# Projectile Speed, Crosswind Relationship

1. Jan 3, 2010

What equations can demonstrate if greater projectile speed can or cannot contribute to greater accuracy (or directional stability) of a projectile, while traveling horizontally within an envirnoment containing lateral crosswinds?

In controlled and powered horizontal flight (aircraft or missile), can greater speeds reduce the degree to which a crosswind can deflect an aircraft or missile from its intended course or groundtrack?

This example seems to entail relationships between force (crosswind and projectile, speed and mass) and duration of applied lateral forces (crosswind).

2. Jan 3, 2010

### Astronuc

Staff Emeritus
The effect of a given crosswind would be determined by the time required to travel down range.

The lateral deflection z would be proportional to vz t, assuming the lateral wind speed vz is constant, and t = time of flight. Traveling faster downrange decreases the time, so lateral deflection is decreased.

An aircraft simply points at an angle to the line from origin to destination in order to offset the crosswind.

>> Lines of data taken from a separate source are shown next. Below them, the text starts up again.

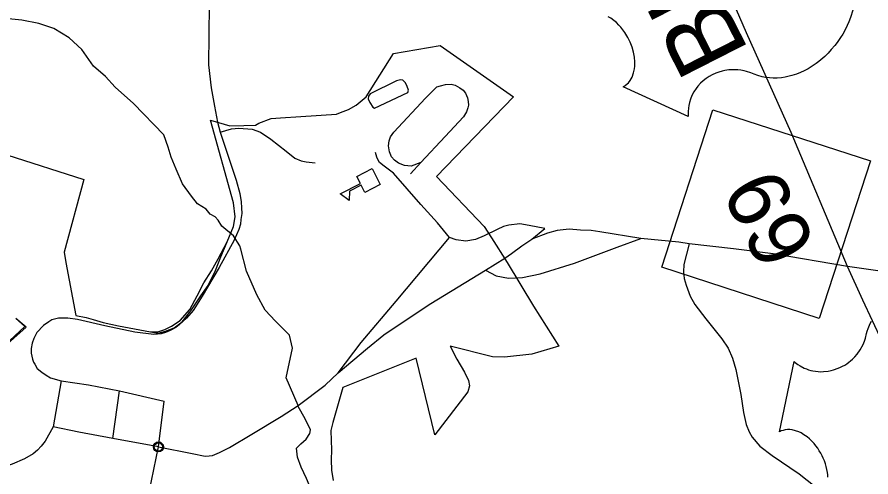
# Model space of a CAD drawing. Extents: x 558484 to 564063, y 513718 to 518374.
# Drawn here: x 559524.5 to 559600.4, y 514909.4 to 514950.3 of the extents above; entities that cross this region are included whole.
import ezdxf

# ---------------------------------------------------------------- set-up
doc = ezdxf.new("R2010")
doc.units = 0
doc.layers.add('Default', color=7, linetype='Continuous')

msp = doc.modelspace()

# ---------------------------------------------------------------- linework, layer by layer
at = {"layer": 'Default'}
for p, q in [((559598.77, 514950.903), (559598.554, 514950.262)), ((559577.266, 514950.188), (559577.022, 514950.331)), ((559577.543, 514949.995), (559577.266, 514950.188)), ((559598.554, 514950.262), (559598.4, 514949.871)), ((559577.765, 514949.805), (559577.543, 514949.995)), ((559577.986, 514949.591), (559577.765, 514949.805)), ((559578.166, 514949.388), (559577.986, 514949.591)), ((559578.519, 514948.934), (559578.166, 514949.388)), ((559598.4, 514949.871), (559598.094, 514949.226)), ((559578.785, 514948.495), (559578.519, 514948.934)), ((559597.857, 514948.791), (559597.671, 514948.493)), ((559598.094, 514949.226), (559597.857, 514948.791)), ((559578.992, 514948.069), (559578.785, 514948.495)), ((559579.163, 514947.618), (559578.992, 514948.069)), ((559597.361, 514948.038), (559597.157, 514947.771)), ((559597.671, 514948.493), (559597.361, 514948.038)), ((559579.283, 514947.187), (559579.163, 514947.618)), ((559579.368, 514946.748), (559579.283, 514947.187)), ((559596.557, 514947.088), (559596.272, 514946.804)), ((559596.849, 514947.403), (559596.557, 514947.088)), ((559597.157, 514947.771), (559596.849, 514947.403)), ((559579.398, 514946.331), (559579.368, 514946.748)), ((559579.39, 514945.946), (559579.398, 514946.331)), ((559595.747, 514946.356), (559595.503, 514946.168)), ((559596.084, 514946.634), (559595.747, 514946.356)), ((559596.272, 514946.804), (559596.084, 514946.634)), ((559579.282, 514945.333), (559579.365, 514945.708)), ((559579.365, 514945.708), (559579.39, 514945.946)), ((559587.401, 514945.556), (559587.165, 514945.5)), ((559587.752, 514945.606), (559587.401, 514945.556)), ((559587.987, 514945.624), (559587.752, 514945.606)), ((559588.316, 514945.621), (559587.987, 514945.624)), ((559588.543, 514945.608), (559588.316, 514945.621)), ((559588.806, 514945.58), (559588.543, 514945.608)), ((559589.1, 514945.527), (559588.806, 514945.58)), ((559594.781, 514945.703), (559594.424, 514945.515)), ((559595.158, 514945.93), (559594.781, 514945.703)), ((559595.503, 514946.168), (559595.158, 514945.93)), ((559578.983, 514944.674), (559579.152, 514944.971)), ((559579.152, 514944.971), (559579.282, 514945.333)), ((559585.724, 514944.839), (559585.46, 514944.632)), ((559586.014, 514945.03), (559585.724, 514944.839)), ((559586.272, 514945.171), (559586.014, 514945.03)), ((559586.596, 514945.32), (559586.272, 514945.171)), ((559586.868, 514945.415), (559586.596, 514945.32)), ((559587.165, 514945.5), (559586.868, 514945.415)), ((559589.32, 514945.47), (559589.1, 514945.527)), ((559589.703, 514945.342), (559589.32, 514945.47)), ((559589.989, 514945.215), (559589.703, 514945.342)), ((559590.335, 514945.094), (559589.989, 514945.215)), ((559590.697, 514944.992), (559590.335, 514945.094)), ((559591.008, 514944.933), (559590.697, 514944.992)), ((559591.36, 514944.891), (559591.008, 514944.933)), ((559591.675, 514944.875), (559591.36, 514944.891)), ((559592.044, 514944.877), (559591.675, 514944.875)), ((559592.414, 514944.909), (559592.044, 514944.877)), ((559592.74, 514944.956), (559592.414, 514944.909)), ((559593.001, 514945.008), (559592.74, 514944.956)), ((559593.354, 514945.099), (559593.001, 514945.008)), ((559593.754, 514945.228), (559593.354, 514945.099)), ((559594.121, 514945.372), (559593.754, 514945.228)), ((559594.424, 514945.515), (559594.121, 514945.372)), ((559578.352, 514944.11), (559578.53, 514944.215)), ((559584.149, 514941.471), (559578.352, 514944.11)), ((559578.53, 514944.215), (559578.725, 514944.371)), ((559578.725, 514944.371), (559578.82, 514944.462)), ((559578.82, 514944.462), (559578.983, 514944.674)), ((559585, 514944.172), (559584.836, 514943.961)), ((559585.238, 514944.432), (559585, 514944.172)), ((559585.46, 514944.632), (559585.238, 514944.432)), ((559584.458, 514943.316), (559584.337, 514943.009)), ((559584.632, 514943.643), (559584.458, 514943.316)), ((559584.836, 514943.961), (559584.632, 514943.643)), ((559584.24, 514942.712), (559584.19, 514942.449)), ((559584.337, 514943.009), (559584.24, 514942.712)), ((559581.783, 514928.07), (559586.335, 514942.065)), ((559584.152, 514942.204), (559584.131, 514941.909)), ((559584.131, 514941.909), (559584.134, 514941.636)), ((559584.19, 514942.449), (559584.152, 514942.204)), ((559586.335, 514942.065), (559600.33, 514937.513)), ((559584.134, 514941.636), (559584.149, 514941.471)), ((559559.481, 514936.357), (559560.389, 514937.37)), ((559600.33, 514937.513), (559595.778, 514923.518)), ((559570.249, 514930.578), (559571.39, 514931.513)), ((559595.778, 514923.518), (559581.783, 514928.07)), ((559600.128, 514922.641), (559600.309, 514923.083)), ((559600.309, 514923.083), (559600.404, 514923.273)), ((559599.897, 514921.777), (559599.988, 514922.169)), ((559599.988, 514922.169), (559600.044, 514922.384)), ((559600.044, 514922.384), (559600.128, 514922.641)), ((559599.676, 514921.199), (559599.801, 514921.497)), ((559599.801, 514921.497), (559599.897, 514921.777)), ((559599.133, 514920.338), (559599.415, 514920.738)), ((559599.415, 514920.738), (559599.676, 514921.199)), ((559598.396, 514919.633), (559598.553, 514919.752)), ((559598.553, 514919.752), (559598.737, 514919.916)), ((559598.737, 514919.916), (559598.944, 514920.12)), ((559598.944, 514920.12), (559599.133, 514920.338)), ((559592.259, 514913.458), (559593.535, 514919.698)), ((559593.535, 514919.698), (559593.628, 514919.614)), ((559593.628, 514919.614), (559593.869, 514919.433)), ((559593.869, 514919.433), (559594.08, 514919.299)), ((559594.08, 514919.299), (559594.45, 514919.103)), ((559594.45, 514919.103), (559594.635, 514919.032)), ((559594.635, 514919.032), (559594.825, 514918.964)), ((559597.041, 514918.946), (559597.463, 514919.096)), ((559597.463, 514919.096), (559597.659, 514919.179)), ((559597.659, 514919.179), (559597.845, 514919.273)), ((559597.845, 514919.273), (559598.037, 514919.384)), ((559598.037, 514919.384), (559598.216, 514919.499)), ((559598.216, 514919.499), (559598.396, 514919.633)), ((559594.825, 514918.964), (559595.018, 514918.91)), ((559595.018, 514918.91), (559595.195, 514918.867)), ((559595.195, 514918.867), (559595.439, 514918.829)), ((559595.439, 514918.829), (559595.676, 514918.805)), ((559595.676, 514918.805), (559595.93, 514918.792)), ((559595.93, 514918.792), (559596.143, 514918.796)), ((559596.143, 514918.796), (559596.569, 514918.842)), ((559596.569, 514918.842), (559596.828, 514918.891)), ((559596.828, 514918.891), (559597.041, 514918.946)), ((559528.448, 514917.988), (559527.73, 514913.893)), ((559533.039, 514912.855), (559533.626, 514917.096)), ((559592.393, 514913.522), (559592.259, 514913.458)), ((559592.559, 514913.579), (559592.393, 514913.522)), ((559592.759, 514913.627), (559592.559, 514913.579)), ((559592.963, 514913.642), (559592.759, 514913.627)), ((559593.162, 514913.647), (559592.963, 514913.642)), ((559593.371, 514913.618), (559593.162, 514913.647)), ((559593.677, 514913.543), (559593.371, 514913.618)), ((559593.954, 514913.44), (559593.677, 514913.543)), ((559594.168, 514913.344), (559593.954, 514913.44)), ((559594.421, 514913.192), (559594.168, 514913.344)), ((559594.705, 514912.99), (559594.421, 514913.192)), ((559594.905, 514912.824), (559594.705, 514912.99)), ((559537.081, 514912.107), (559533.039, 514912.855)), ((559595.115, 514912.627), (559594.905, 514912.824)), ((559595.322, 514912.396), (559595.115, 514912.627)), ((559595.469, 514912.217), (559595.322, 514912.396)), ((559595.639, 514911.986), (559595.469, 514912.217)), ((559595.782, 514911.772), (559595.639, 514911.986)), ((559595.908, 514911.555), (559595.782, 514911.772)), ((559596.034, 514911.315), (559595.908, 514911.555)), ((559596.128, 514911.116), (559596.034, 514911.315)), ((559596.233, 514910.866), (559596.128, 514911.116)), ((559596.319, 514910.612), (559596.233, 514910.866)), ((559596.397, 514910.361), (559596.319, 514910.612)), ((559596.461, 514910.1), (559596.397, 514910.361)), ((559596.507, 514909.84), (559596.461, 514910.1)), ((559596.535, 514909.63), (559596.507, 514909.84)), ((559596.547, 514909.418), (559596.535, 514909.63))]:
    msp.add_line(p, q, dxfattribs=at)
for points in [[(559598.287, 514928.133), (559593.285, 514940.036), (559589.315, 514948.912), (559586.058, 514956.417)], [(559541.581, 514951.391), (559541.527, 514946.059), (559541.761, 514943.997), (559542.049, 514942.38), (559542.328, 514940.957), (559542.568, 514940.066)], [(559549.482, 514915.778), (559548.439, 514918.259), (559548.981, 514920.881), (559548.739, 514922.048), (559547.468, 514923.277), (559546.561, 514924.252), (559545.835, 514925.615), (559544.902, 514927.714), (559544.412, 514929.681), (559544.305, 514929.98), (559543.742, 514930.852), (559542.724, 514931.711), (559542.399, 514932.256), (559542.128, 514932.544), (559541.673, 514932.775), (559541.329, 514933.24), (559540.553, 514933.716), (559540.034, 514934.378), (559539.231, 514935.49), (559538.662, 514936.774), (559538.222, 514937.842), (559537.956, 514938.749), (559537.573, 514939.843), (559534.873, 514942.607), (559533.233, 514944.064), (559532.367, 514945.012), (559531.304, 514945.941), (559530.267, 514947.428), (559529.166, 514948.442), (559527.804, 514949.273), (559526.467, 514949.739), (559524.939, 514950.017), (559522.569, 514950.265)], [(559523.632, 514938.068), (559530.462, 514935.879), (559528.719, 514929.407), (559528.846, 514928.49), (559529.742, 514923.792), (559530.669, 514923.607), (559531.3, 514923.424), (559532.169, 514923.16), (559533.549, 514922.853), (559534.948, 514922.607), (559536.367, 514922.32), (559537.019, 514922.334), (559537.644, 514922.532), (559538.253, 514922.842), (559539.005, 514923.345), (559539.882, 514924.316), (559540.516, 514925.526), (559541.103, 514926.671), (559541.802, 514927.752), (559542.389, 514928.817), (559543.202, 514930.342), (559543.746, 514931.678), (559543.886, 514932.557), (559543.744, 514933.797), (559541.718, 514941.142), (559543.43, 514940.646), (559544.676, 514940.664), (559545.695, 514940.706), (559546.014, 514940.886), (559547.107, 514941.273), (559547.931, 514941.353), (559549.732, 514941.456), (559552.905, 514941.684), (559553.249, 514941.812), (559553.957, 514942.077), (559554.647, 514942.485), (559555.534, 514943.217), (559557.953, 514947.068), (559562.118, 514947.762), (559568.63, 514943.221), (559561.793, 514936.14), (559566.024, 514931.68), (559566.675, 514930.673)], [(559523.632, 514938.068), (559530.462, 514935.879), (559528.719, 514929.407), (559528.846, 514928.49), (559529.742, 514923.792), (559530.669, 514923.607), (559531.3, 514923.424), (559532.169, 514923.16), (559533.549, 514922.853), (559534.948, 514922.607), (559536.367, 514922.32), (559537.056, 514922.217), (559537.701, 514922.393), (559538.48, 514922.689), (559539.197, 514923.206), (559539.963, 514924.201), (559540.86, 514925.516), (559541.51, 514926.452), (559542.152, 514927.788), (559542.62, 514928.985), (559543.202, 514930.342), (559543.746, 514931.678), (559543.886, 514932.557), (559543.744, 514933.797), (559541.718, 514941.142), (559543.43, 514940.646), (559544.676, 514940.664), (559545.695, 514940.706), (559546.014, 514940.886), (559547.107, 514941.273), (559547.931, 514941.353), (559549.732, 514941.456), (559552.905, 514941.684), (559553.249, 514941.812), (559553.957, 514942.077), (559554.647, 514942.485), (559555.534, 514943.217), (559557.953, 514947.068), (559562.118, 514947.762), (559568.63, 514943.221), (559561.793, 514936.14), (559566.024, 514931.68), (559566.675, 514930.673)], [(559523.632, 514938.068), (559530.462, 514935.879), (559528.719, 514929.407), (559528.846, 514928.49), (559529.742, 514923.792), (559530.669, 514923.607), (559531.3, 514923.424), (559532.169, 514923.16), (559533.549, 514922.853), (559534.948, 514922.607), (559536.367, 514922.32), (559537.019, 514922.334), (559537.644, 514922.532), (559538.253, 514922.842), (559539.005, 514923.345), (559539.882, 514924.316), (559540.516, 514925.526), (559541.103, 514926.671), (559541.802, 514927.752), (559542.389, 514928.817), (559543.202, 514930.342), (559543.746, 514931.678), (559543.886, 514932.557), (559543.744, 514933.797), (559541.718, 514941.142), (559543.43, 514940.646), (559544.676, 514940.664), (559545.695, 514940.706), (559546.014, 514940.886), (559547.107, 514941.273), (559547.931, 514941.353), (559549.732, 514941.456), (559552.905, 514941.684), (559553.249, 514941.812), (559553.957, 514942.077), (559554.647, 514942.485), (559555.534, 514943.217), (559557.953, 514947.068), (559562.118, 514947.762), (559568.63, 514943.221), (559561.793, 514936.14), (559566.024, 514931.68), (559566.675, 514930.673)], [(559542.568, 514940.066), (559543.587, 514940.372), (559544.21, 514940.44), (559545.416, 514940.343), (559546.134, 514940.086), (559547.068, 514939.437), (559548.432, 514938.374), (559549.196, 514937.754), (559549.746, 514937.534), (559550.211, 514937.424), (559550.999, 514937.345)], [(559542.568, 514940.066), (559543.991, 514935.804), (559544.304, 514934.63), (559544.43, 514933.894), (559544.462, 514933.341), (559544.48, 514932.852), (559544.412, 514932.32), (559544.359, 514931.902), (559544.213, 514931.419), (559543.809, 514930.466), (559542.468, 514928.033)], [(559562.943, 514930.703), (559561.869, 514932.014), (559560.38, 514933.65), (559557.948, 514936.423), (559557.14, 514937.039), (559556.707, 514937.383), (559556.52, 514937.75), (559556.489, 514937.848), (559556.356, 514938.255)], [(559571.39, 514931.513), (559570.001, 514931.784), (559569.192, 514931.914), (559568.207, 514931.812), (559567.73, 514931.688), (559567.159, 514931.414), (559566.005, 514930.86), (559565.24, 514930.538), (559564.386, 514930.39), (559563.516, 514930.505), (559562.943, 514930.703)], [(559579.928, 514930.618), (559576.289, 514931.209), (559575.513, 514931.34), (559574.564, 514931.372), (559573.552, 514931.458), (559572.5, 514931.347), (559571.632, 514931.106), (559570.249, 514930.578)], [(559566.675, 514930.673), (559568.051, 514928.489), (559570.393, 514924.599), (559572.654, 514921.061), (559570.257, 514920.355), (559567.817, 514920.079), (559566.768, 514920.099), (559562.986, 514921.049), (559563.59, 514919.907), (559564.271, 514918.737), (559564.62, 514918.018), (559564.714, 514917.535), (559564.575, 514917.011), (559561.619, 514913.171), (559559.983, 514919.998), (559553.456, 514917.377), (559552.576, 514914.275), (559552.387, 514913.566), (559552.417, 514912.668), (559552.453, 514911.834), (559552.432, 514910.963), (559552.467, 514910.055), (559552.6, 514909.127)], [(559566.675, 514930.673), (559568.051, 514928.489), (559570.393, 514924.599), (559572.654, 514921.061), (559570.257, 514920.355), (559567.817, 514920.079), (559566.768, 514920.099), (559562.986, 514921.049), (559563.59, 514919.907), (559564.271, 514918.737), (559564.62, 514918.018), (559564.714, 514917.535), (559564.575, 514917.011), (559561.619, 514913.171), (559559.983, 514919.998), (559553.456, 514917.377), (559552.576, 514914.275), (559552.387, 514913.566), (559552.417, 514912.668), (559552.453, 514911.834), (559552.432, 514910.963), (559552.467, 514910.055), (559552.6, 514909.127)], [(559566.675, 514930.673), (559568.051, 514928.489), (559570.393, 514924.599), (559572.654, 514921.061), (559570.257, 514920.355), (559567.817, 514920.079), (559566.768, 514920.099), (559562.986, 514921.049), (559563.59, 514919.907), (559564.271, 514918.737), (559564.62, 514918.018), (559564.714, 514917.535), (559564.575, 514917.011), (559561.619, 514913.171), (559559.983, 514919.998), (559553.456, 514917.377), (559552.576, 514914.275), (559552.387, 514913.566), (559552.417, 514912.668), (559552.453, 514911.834), (559552.432, 514910.963), (559552.467, 514910.055), (559552.6, 514909.127)], [(559553.037, 514918.679), (559555.103, 514921.382), (559558.2, 514925.068), (559562.943, 514930.703)], [(559566.133, 514927.799), (559567.076, 514927.312), (559568.169, 514927.11), (559569.42, 514927.149), (559570.975, 514927.473), (559574.046, 514928.42), (559577.839, 514929.848), (559579.928, 514930.618)], [(559566.133, 514927.799), (559567.837, 514928.867), (559568.45, 514929.285), (559569.371, 514929.978), (559570.249, 514930.578)], [(559584.231, 514930.15), (559583.291, 514930.299), (559579.928, 514930.618)], [(559584.231, 514930.15), (559583.763, 514928.325), (559583.732, 514927.676), (559583.784, 514927.08), (559583.945, 514926.468), (559584.324, 514925.486), (559584.718, 514924.772), (559585.7, 514923.474), (559587.134, 514921.723), (559587.681, 514920.867), (559588.072, 514919.981), (559588.363, 514918.994), (559588.811, 514916.771), (559589.063, 514915.171), (559589.299, 514914.096), (559589.548, 514913.449), (559589.824, 514912.967), (559590.506, 514912.179), (559591.593, 514911.346), (559594.001, 514909.705), (559596.982, 514907.343), (559600.087, 514904.69), (559601.252, 514903.601)], [(559598.287, 514928.133), (559591.67, 514929.259), (559588.154, 514929.706), (559584.231, 514930.15)], [(559607.093, 514896.784), (559606.762, 514899.056), (559606.346, 514902.294), (559606.041, 514905.641), (559605.818, 514907.933), (559605.243, 514912.073), (559604.967, 514913.026), (559604.539, 514914.376), (559604.007, 514915.791), (559602.902, 514918.31), (559601.375, 514921.47), (559599.637, 514925.139), (559598.287, 514928.133)], [(559612.69, 514926.276), (559605.533, 514927.086), (559598.287, 514928.133)], [(559542.468, 514928.033), (559540.965, 514925.498), (559540.165, 514924.238), (559539.575, 514923.546), (559538.929, 514922.946), (559538.622, 514922.71), (559538.138, 514922.455), (559537.717, 514922.285), (559537.332, 514922.151), (559536.673, 514922.082), (559534.993, 514922.289), (559532.315, 514922.855), (559529.884, 514923.43), (559529.047, 514923.555), (559528.685, 514923.549), (559528.194, 514923.535), (559527.614, 514923.399), (559527.342, 514923.234), (559526.873, 514922.88), (559526.284, 514922.273), (559526.007, 514921.75), (559525.854, 514921.316), (559525.776, 514920.859), (559525.79, 514920.43), (559525.887, 514919.889), (559525.992, 514919.631), (559526.1, 514919.455), (559526.326, 514919.081), (559526.736, 514918.747), (559527.099, 514918.47), (559527.488, 514918.232), (559528.448, 514917.988)], [(559553.037, 514918.679), (559555.651, 514920.882), (559557.109, 514922.073), (559559.699, 514923.804), (559561.266, 514924.849), (559566.133, 514927.799)], [(559518.435, 514916.628), (559525.333, 514922.753), (559524.411, 514923.516)], [(559518.535, 514916.597), (559525.209, 514922.817), (559524.411, 514923.516)], [(559518.535, 514916.597), (559525.209, 514922.817), (559524.411, 514923.516)], [(559537.081, 514912.107), (559540.072, 514911.51), (559541.233, 514911.271), (559541.595, 514911.302), (559541.879, 514911.332), (559542.514, 514911.605), (559543.39, 514912.063), (559545.369, 514913.236), (559547.999, 514914.799), (559549.482, 514915.778), (559551.884, 514917.602), (559553.037, 514918.679)], [(559528.448, 514917.988), (559530.863, 514917.632), (559533.626, 514917.096)], [(559533.626, 514917.096), (559537.583, 514916.172)], [(559537.081, 514912.107), (559537.583, 514916.172)], [(559558.132, 514899.548), (559556.377, 514900.648), (559555.358, 514901.324), (559554.055, 514901.942), (559553.068, 514902.392), (559552.373, 514902.801), (559551.709, 514903.293), (559551.549, 514904.04), (559551.394, 514904.928), (559551.18, 514906.028), (559551.039, 514906.887), (559550.771, 514908.031), (559550.241, 514909.299), (559549.757, 514910.313), (559549.434, 514911.194), (559549.359, 514911.981), (559549.729, 514912.383), (559550.196, 514912.796), (559550.527, 514913.284), (559550.585, 514913.618), (559550.139, 514914.546), (559549.459, 514915.743)], [(559527.73, 514913.893), (559527.025, 514912.605), (559526.681, 514912.163), (559526.336, 514911.81), (559525.955, 514911.492), (559525.183, 514911.055), (559524.105, 514910.587), (559522.979, 514910.19), (559520.667, 514909.463)], [(559533.039, 514912.855), (559530.004, 514913.41), (559527.73, 514913.893)], [(559535.445, 514904.908), (559535.834, 514905.908), (559536.454, 514909.095), (559537.081, 514912.107)]]:
    msp.add_lwpolyline(points, dxfattribs=at)
for points in [[(559555.86, 514942.7), (559556.125, 514942.284), (559556.268, 514942.214), (559559.229, 514943.597), (559559.305, 514943.796), (559559.189, 514944.128), (559559.017, 514944.467), (559558.803, 514944.678), (559558.597, 514944.733), (559558.222, 514944.631), (559555.876, 514943.473), (559555.75, 514943.266), (559555.723, 514943.039)], [(559560.389, 514937.37), (559559.533, 514937.059), (559558.944, 514937.097), (559558.418, 514937.327), (559558.062, 514937.572), (559557.797, 514937.882), (559557.603, 514938.334), (559557.514, 514938.858), (559557.568, 514939.312), (559557.693, 514939.66), (559557.988, 514940.059), (559560.817, 514943.099), (559561.816, 514944.106), (559562.142, 514944.2), (559562.574, 514944.296), (559563.07, 514944.335), (559563.446, 514944.26), (559563.852, 514944.022), (559564.144, 514943.797), (559564.351, 514943.53), (559564.538, 514943.127), (559564.597, 514942.802), (559564.621, 514942.476), (559564.552, 514942.227), (559564.441, 514941.886), (559564.175, 514941.431), (559562.549, 514939.696)], [(559556.775, 514935.418), (559555.412, 514934.724), (559555.085, 514935.365), (559554.04, 514934.833), (559554.036, 514934.006), (559553.228, 514934.588), (559555.017, 514935.499), (559554.691, 514936.14), (559556.055, 514936.834)], [(559537.196, 514911.751), (559537.17, 514911.743), (559537.139, 514911.737), (559537.102, 514911.734), (559537.071, 514911.734), (559537.04, 514911.735), (559537.01, 514911.74), (559536.983, 514911.748), (559536.953, 514911.757), (559536.922, 514911.771), (559536.894, 514911.786), (559536.872, 514911.8), (559536.85, 514911.817), (559536.829, 514911.835), (559536.809, 514911.855), (559536.795, 514911.871), (559536.781, 514911.89), (559536.769, 514911.906), (559536.754, 514911.932), (559536.745, 514911.951), (559536.734, 514911.976), (559536.727, 514911.998), (559536.72, 514912.021), (559536.715, 514912.045), (559536.712, 514912.071), (559536.71, 514912.106), (559536.712, 514912.14), (559536.716, 514912.169), (559536.722, 514912.2), (559536.728, 514912.221), (559536.737, 514912.248), (559536.749, 514912.274), (559536.762, 514912.297), (559536.776, 514912.321), (559536.793, 514912.343), (559536.81, 514912.362), (559536.828, 514912.38), (559536.844, 514912.395), (559536.868, 514912.413), (559536.886, 514912.426), (559536.911, 514912.44), (559536.936, 514912.451), (559536.962, 514912.461), (559536.987, 514912.469), (559537.017, 514912.475), (559537.045, 514912.48), (559537.072, 514912.481), (559537.104, 514912.481), (559537.134, 514912.478), (559537.161, 514912.474), (559537.191, 514912.466), (559537.223, 514912.454), (559537.251, 514912.442), (559537.277, 514912.428), (559537.297, 514912.415), (559537.325, 514912.393), (559537.352, 514912.369), (559537.371, 514912.347), (559537.391, 514912.322), (559537.403, 514912.304), (559537.413, 514912.285), (559537.425, 514912.262), (559537.433, 514912.243), (559537.442, 514912.217), (559537.449, 514912.189), (559537.454, 514912.167), (559537.457, 514912.141), (559537.458, 514912.117), (559537.457, 514912.096), (559537.455, 514912.058), (559537.449, 514912.025), (559537.44, 514911.995), (559537.429, 514911.965), (559537.419, 514911.943), (559537.408, 514911.921), (559537.387, 514911.889), (559537.375, 514911.874), (559537.362, 514911.858), (559537.333, 514911.829), (559537.306, 514911.807), (559537.286, 514911.793), (559537.26, 514911.778), (559537.24, 514911.768), (559537.211, 514911.756)]]:
    msp.add_lwpolyline(points, close=True, dxfattribs=at)
for centre, radius in [((559537.081, 514912.107), 0.449), ((559537.081, 514912.106), 0.365)]:
    msp.add_circle(centre, radius, dxfattribs=at)

# ---------------------------------------------------------------- texts
for s, height, p in [('BUS', 6.4453, (559589.59, 514947.252)), ('69', 5.4687, (559595.623, 514930.001))]:
    msp.add_text(s, height=height, rotation=116.98193, dxfattribs=at).set_placement(p)

doc.saveas('drawing.dxf')

A projectile can be aimed at an angle to the target to compensate for the drift due to crosswind. It get's a bit complicated if the lateral wind speed is variable or a function of altitude (height).

Range - http://hyperphysics.phy-astr.gsu.edu/hbase/traj.html#tra4

Time of flight - http://hyperphysics.phy-astr.gsu.edu/hbase/traj.html#tra6

3. Jan 12, 2010

It seems varying projectile speed (force) would generate greater or less groundtrack displacement created by a given crosswind, once air mass (density) and projectile mass are known.

It seems this example could be expressed via force vector trigonometry.

True or false?

4. Jan 15, 2010

### zgozvrm

At the very basic level, use vectors: The length of the vectors representing the force of the projectile and the wind. The angle of the vectors representing the direction of travel of the projectile and wind.

The longer the projectile's vector, the smaller the angle of offset between it and the resultant vector (with the wind vector staying constant). Therefore, the projectile is thrown off it's original course by a lesser amount.

Of course, the problem is complicated by other factors such as wind shear, aerodynamics, projectile density, wind density, etc. But, I think that the use of vectors is generally sufficient to prove what you are trying to show.

5. Jan 15, 2010

### DocZaius

Hello,

My intuition could be wrong on this, but I would have thought that the lateral deflection z wouldn't be proportional to vzt. I would think that if we were to follow the projectile's trajectory from above it, we would see the projectile accelerate in the z direction as it travels through the lateral wind. As a result, the z deflection would not have a linear relationship with the time spent in the lateral wind. What am I missing?

6. Jan 15, 2010

### zgozvrm

I think the OP is assuming no deceleration or deviation of flight path of the projectile due to gravity and/or air friction.

7. Jan 15, 2010

### DocZaius

My statement concerned lateral wind, which was adressed in post #2 Wouldn't lateral wind deviate the flight path?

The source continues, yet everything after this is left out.